In particular when it concerns intermediation activities (the “in between” two parties), BIPAR is of the opinion that the AML guidelines should explicitly allow, not only for outsourcing but also for balanced “agreements” to be made between the entities in the chain of the events (or the chain of contract).
We note that in this respect (paragraph 75, point (d)) reads as follows:
“In the framework of the outsourcing of tasks of the AML/CFT compliance function, the rights and obligations of the professional and service provider as well as their roles, responsibilities and duties shall be clearly listed, distributed and defined in an outsourcing contract”.
4/Self incrimination
In draft EBA Guideline 4.2.3, paragraph 52 (2) (h) and paragraph 52 (3) (j), it seems inappropriate that the entity should be required to report the shortcomings of its control system each year as well as the improvements to be made to remedy them. This mechanism could be similar to self-incrimination which could have consequences other than administrative sanctions.

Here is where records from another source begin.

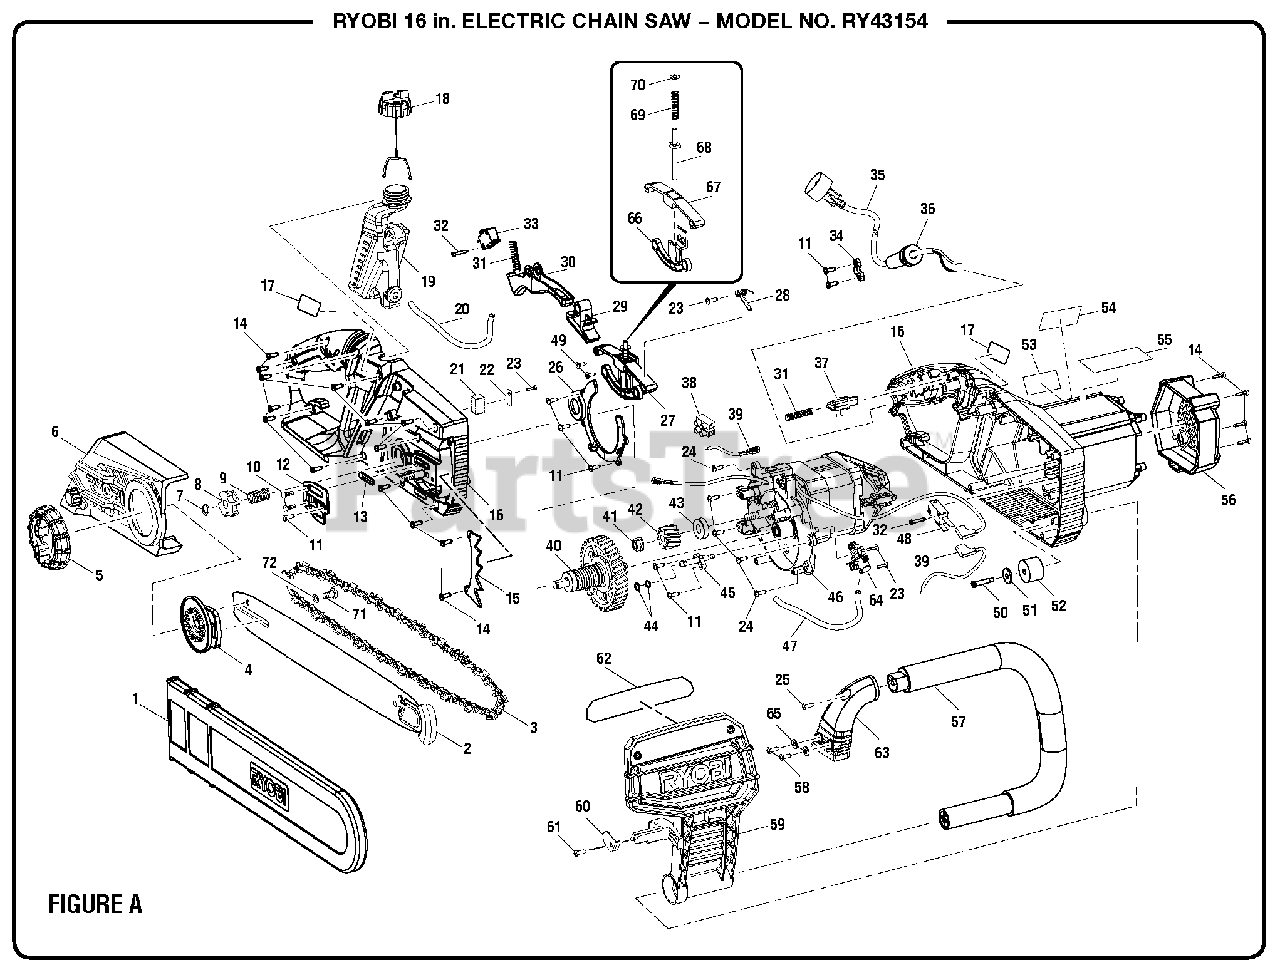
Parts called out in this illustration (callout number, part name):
3	Chain (16 in.)
4	Chain Tensioner Assembly
5	Chain Adjusting Knob Assembly
6	Bar Cover Assembly
8	Chain Sprocket
12	Guide Plate
16	Housing Assembly
17	Side Logo Label
18	Oil Tank Cap Assembly
19	Oil Tank Assembly
26	Dust Shield
27	Brake Assembly
28	Brake Spring
29	Intermediate Connecting Rod
36	Cord Sheath
37	Lock-Off Button
38	Terminal Connector
39	Stator Wire
40	Output Shaft Gear Assembly
43	Motor Gear Bushing
45	Nozzle Assembly
46	Motor Assembly
47	Oil Tube With Spring
48	Control Switch
53	Danger/Warning Label
54	Warning/Data Label
55	Icon/Danger Label
56	Motor Cover
57	Front Handle
59	Front Handle Guard
60	Handle Guard Plate
62	Chain Brake Label
63	Front Handle-Right
64	Oil Pump Assembly
66	Brake Bar Plate
67	Link Switch
69	Brake Lever Spring
71	Tension Screw

We would rather opt for a kind of “anonymous” reporting system which could help entities to feed a system of “warnings” or “experiences”.
5/AML Training
According to draft EBA Guideline 4.2.4, paragraphs 57-63, “the AML/CFT compliance officer should identify what specific training is needed according to the ML/TF risks to which the persons to whom the training is provided”.
And, “the AML/CFT compliance officer prepares and implements, in cooperation with the human resources department of the financial sector operator, an annual plan of training and education of staff”.
To recall that the proportionality principle applies also with regards to training, as provided in Article 46(1) of 4th AML Directive, BIPAR suggests that paragraphs 62 and 63 read as follows:
62. “The AML/CFT compliance officer should identify what specific training is needed according to the ML/TF risks to which the persons to whom the training is provided and according to the obliged entity’s risks, nature and size”.
63. “The AML/CFT compliance officer, where applicable, prepares and implements, in cooperation with the human resources department of the financial sector operator, an annual plan of training and education of staff”.
4. Do you have any comments on Guideline 4.3 ‘Organisation of the AML/CFT compliance function at group level’?
No comment.5. Do you have any comments on Guideline 4.4 ‘Review of the AML/CFT compliance function by competent authorities’?
Please also refer to our general comment above (see our answer under Q1). BIPAR believes the guidelines should explicitly provide for proportionate supervision.A “one size fits all” approach when exercising supervisory powers should be avoided. In terms of proportionality, the supervision of an entity should focus on the facts and not on the formalities. This needs also to be seen in conjunction with the risk-based approach and the proportionality principle that should be clearly reflected in the whole AML legal framework.
The business models of obliged entities and their exposure to ML/TF risks are very diverse depending on the sector within which they are carrying out their activities (e.g. banking services, insurance services, etc). The diverse ML/TF risk exposure of each sector and operator and their place in the value chain should be always taken into account by the supervisors so that supervision focuses on the final objectives of the AML rules being to avoid ML.
BIPAR would like to highlight the importance of the role that the national competent authorities play since they can benefit from their understanding of their respective local market and the direct communication with the obliged entities established in their national market. BIPAR believes that the combat against ML is a joint combat of authorities and industry and that together can play an important role in creating awareness and give good “guidance” in order to avoid Money Laundering. Cooperation in this respect is as important as enforcement.